Let x0 of type ι → (ι → (ι → ο) → ο) → (ι → ο) → ο be given.
Assume H0: ∀ x1 . ∀ x2 x3 : ι → (ι → ο) → ο . (∀ x4 . x4 ∈ x1 ⟶ x2 x4 = x3 x4) ⟶ x0 x1 x2 = x0 x1 x3.
Apply In_ind with
λ x1 . ∀ x2 x3 : (ι → ο) → ο . 2b1c2.. x0 x1 x2 ⟶ 2b1c2.. x0 x1 x3 ⟶ x2 = x3.
Let x1 of type ι be given.
Assume H1:
∀ x2 . x2 ∈ x1 ⟶ ∀ x3 x4 : (ι → ο) → ο . 2b1c2.. x0 x2 x3 ⟶ 2b1c2.. x0 x2 x4 ⟶ x3 = x4.

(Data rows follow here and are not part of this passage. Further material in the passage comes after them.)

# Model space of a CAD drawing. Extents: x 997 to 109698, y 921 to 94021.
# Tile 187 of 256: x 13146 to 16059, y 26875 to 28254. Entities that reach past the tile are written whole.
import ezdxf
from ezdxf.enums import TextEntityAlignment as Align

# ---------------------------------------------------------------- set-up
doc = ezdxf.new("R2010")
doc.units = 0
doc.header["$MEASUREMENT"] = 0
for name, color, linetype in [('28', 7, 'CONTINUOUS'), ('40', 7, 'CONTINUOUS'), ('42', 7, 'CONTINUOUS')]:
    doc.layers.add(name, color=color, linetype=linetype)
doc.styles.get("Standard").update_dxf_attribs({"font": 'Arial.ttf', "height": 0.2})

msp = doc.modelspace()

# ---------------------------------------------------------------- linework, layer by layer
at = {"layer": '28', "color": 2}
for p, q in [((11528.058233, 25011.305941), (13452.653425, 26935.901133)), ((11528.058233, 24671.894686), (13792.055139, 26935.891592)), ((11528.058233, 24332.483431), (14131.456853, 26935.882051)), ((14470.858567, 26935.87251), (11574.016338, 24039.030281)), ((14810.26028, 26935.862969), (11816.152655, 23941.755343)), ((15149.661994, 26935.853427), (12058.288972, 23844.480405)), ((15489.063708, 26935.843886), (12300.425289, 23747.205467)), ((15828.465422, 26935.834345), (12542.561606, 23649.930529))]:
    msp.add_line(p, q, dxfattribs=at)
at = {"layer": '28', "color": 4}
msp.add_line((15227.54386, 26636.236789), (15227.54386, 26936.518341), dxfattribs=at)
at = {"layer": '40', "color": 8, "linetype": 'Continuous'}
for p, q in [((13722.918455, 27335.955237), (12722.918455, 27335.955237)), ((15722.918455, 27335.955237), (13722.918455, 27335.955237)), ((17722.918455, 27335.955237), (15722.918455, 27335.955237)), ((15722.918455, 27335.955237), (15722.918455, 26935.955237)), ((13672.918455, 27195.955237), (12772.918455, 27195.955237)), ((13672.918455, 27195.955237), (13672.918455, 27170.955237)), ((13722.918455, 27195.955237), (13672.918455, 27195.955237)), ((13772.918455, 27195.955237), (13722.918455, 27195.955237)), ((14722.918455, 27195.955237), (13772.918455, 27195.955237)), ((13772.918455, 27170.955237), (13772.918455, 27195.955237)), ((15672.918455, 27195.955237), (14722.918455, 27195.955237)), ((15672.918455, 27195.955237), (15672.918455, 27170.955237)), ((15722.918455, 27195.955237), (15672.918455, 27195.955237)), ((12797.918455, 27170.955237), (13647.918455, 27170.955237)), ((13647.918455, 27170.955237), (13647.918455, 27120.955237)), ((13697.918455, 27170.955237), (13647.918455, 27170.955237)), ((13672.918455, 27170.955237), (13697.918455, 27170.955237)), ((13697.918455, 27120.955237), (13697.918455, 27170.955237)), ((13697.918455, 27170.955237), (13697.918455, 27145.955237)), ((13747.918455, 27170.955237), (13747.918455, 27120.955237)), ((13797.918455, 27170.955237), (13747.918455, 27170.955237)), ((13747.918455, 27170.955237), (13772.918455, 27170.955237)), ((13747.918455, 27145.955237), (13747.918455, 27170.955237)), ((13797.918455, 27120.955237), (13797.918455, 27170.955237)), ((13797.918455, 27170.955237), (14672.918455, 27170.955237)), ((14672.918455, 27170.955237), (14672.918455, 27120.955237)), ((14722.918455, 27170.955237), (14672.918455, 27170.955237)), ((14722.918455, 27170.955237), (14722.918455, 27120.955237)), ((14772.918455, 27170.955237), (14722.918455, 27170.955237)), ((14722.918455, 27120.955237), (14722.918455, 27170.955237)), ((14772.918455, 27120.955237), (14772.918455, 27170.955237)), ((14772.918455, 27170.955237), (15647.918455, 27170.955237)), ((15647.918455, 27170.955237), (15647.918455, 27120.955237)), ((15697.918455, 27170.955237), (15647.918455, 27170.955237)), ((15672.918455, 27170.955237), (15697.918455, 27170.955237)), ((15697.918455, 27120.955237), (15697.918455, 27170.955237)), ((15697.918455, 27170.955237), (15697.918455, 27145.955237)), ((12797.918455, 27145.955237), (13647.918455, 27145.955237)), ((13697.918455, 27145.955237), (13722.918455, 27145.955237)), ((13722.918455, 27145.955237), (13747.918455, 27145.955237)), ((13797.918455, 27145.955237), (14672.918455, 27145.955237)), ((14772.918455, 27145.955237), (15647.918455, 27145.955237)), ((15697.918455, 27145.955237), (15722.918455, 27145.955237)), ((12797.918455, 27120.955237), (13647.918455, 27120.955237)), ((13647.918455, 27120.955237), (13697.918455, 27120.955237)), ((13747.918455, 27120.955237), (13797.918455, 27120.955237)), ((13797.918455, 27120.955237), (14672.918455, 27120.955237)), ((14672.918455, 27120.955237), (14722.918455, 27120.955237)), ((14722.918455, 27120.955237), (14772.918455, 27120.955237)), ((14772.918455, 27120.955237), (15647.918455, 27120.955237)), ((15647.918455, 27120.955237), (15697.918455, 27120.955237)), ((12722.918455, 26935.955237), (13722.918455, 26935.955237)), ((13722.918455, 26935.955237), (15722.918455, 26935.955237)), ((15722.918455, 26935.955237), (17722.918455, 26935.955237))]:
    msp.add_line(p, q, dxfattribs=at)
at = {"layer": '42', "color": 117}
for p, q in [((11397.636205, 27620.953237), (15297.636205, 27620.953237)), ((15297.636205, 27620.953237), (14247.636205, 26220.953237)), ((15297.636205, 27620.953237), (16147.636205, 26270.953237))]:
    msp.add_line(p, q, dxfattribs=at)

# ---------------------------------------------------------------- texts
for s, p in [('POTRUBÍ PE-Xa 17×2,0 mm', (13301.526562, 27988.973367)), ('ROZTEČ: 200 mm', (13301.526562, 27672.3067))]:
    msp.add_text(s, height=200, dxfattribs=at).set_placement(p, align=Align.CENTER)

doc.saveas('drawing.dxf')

Let x2 of type (ι → ο) → ο be given.
Let x3 of type (ι → ο) → ο be given.
Claim L4:
∃ x4 : ι → (ι → ο) → ο . and (∀ x5 . x5 ∈ x1 ⟶ 2b1c2.. x0 x5 (x4 x5)) (x2 = x0 x1 x4)Apply unknownprop_d6c01da6ca79df3d5130b3b242188854c35c1c7c5784df3e9a8cee95732dbf77 with
x0,
x1,
x2.
The subproof is completed by applying H2.
Claim L5:
∃ x4 : ι → (ι → ο) → ο . and (∀ x5 . x5 ∈ x1 ⟶ 2b1c2.. x0 x5 (x4 x5)) (x3 = x0 x1 x4)Apply unknownprop_d6c01da6ca79df3d5130b3b242188854c35c1c7c5784df3e9a8cee95732dbf77 with
x0,
x1,
x3.
The subproof is completed by applying H3.
Apply L4 with
x2 = x3.
Let x4 of type ι → (ι → ο) → ο be given.
Assume H6:
(λ x5 : ι → (ι → ο) → ο . and (∀ x6 . x6 ∈ x1 ⟶ 2b1c2.. x0 x6 (x5 x6)) (x2 = x0 x1 x5)) x4.
Apply H6 with
x2 = x3.
Assume H7:
∀ x5 . x5 ∈ x1 ⟶ 2b1c2.. x0 x5 (x4 x5).
Assume H8: x2 = x0 x1 x4.
Apply L5 with
x2 = x3.
Let x5 of type ι → (ι → ο) → ο be given.
Assume H9:
(λ x6 : ι → (ι → ο) → ο . and (∀ x7 . x7 ∈ x1 ⟶ 2b1c2.. x0 x7 (x6 x7)) (x3 = x0 x1 x6)) x5.
Apply H9 with
x2 = x3.
Assume H10:
∀ x6 . x6 ∈ x1 ⟶ 2b1c2.. x0 x6 (x5 x6).
Assume H11: x3 = x0 x1 x5.
Apply H8 with
λ x6 x7 : (ι → ο) → ο . x7 = x3.
Apply H11 with
λ x6 x7 : (ι → ο) → ο . x0 x1 x4 = x7.
Apply H0 with
x1,
x4,
x5.
Let x6 of type ι be given.
Assume H12: x6 ∈ x1.
Apply H1 with
x6,
x4 x6,
x5 x6 leaving 3 subgoals.
The subproof is completed by applying H12.
Apply H7 with
x6.
The subproof is completed by applying H12.
Apply H10 with
x6.
The subproof is completed by applying H12.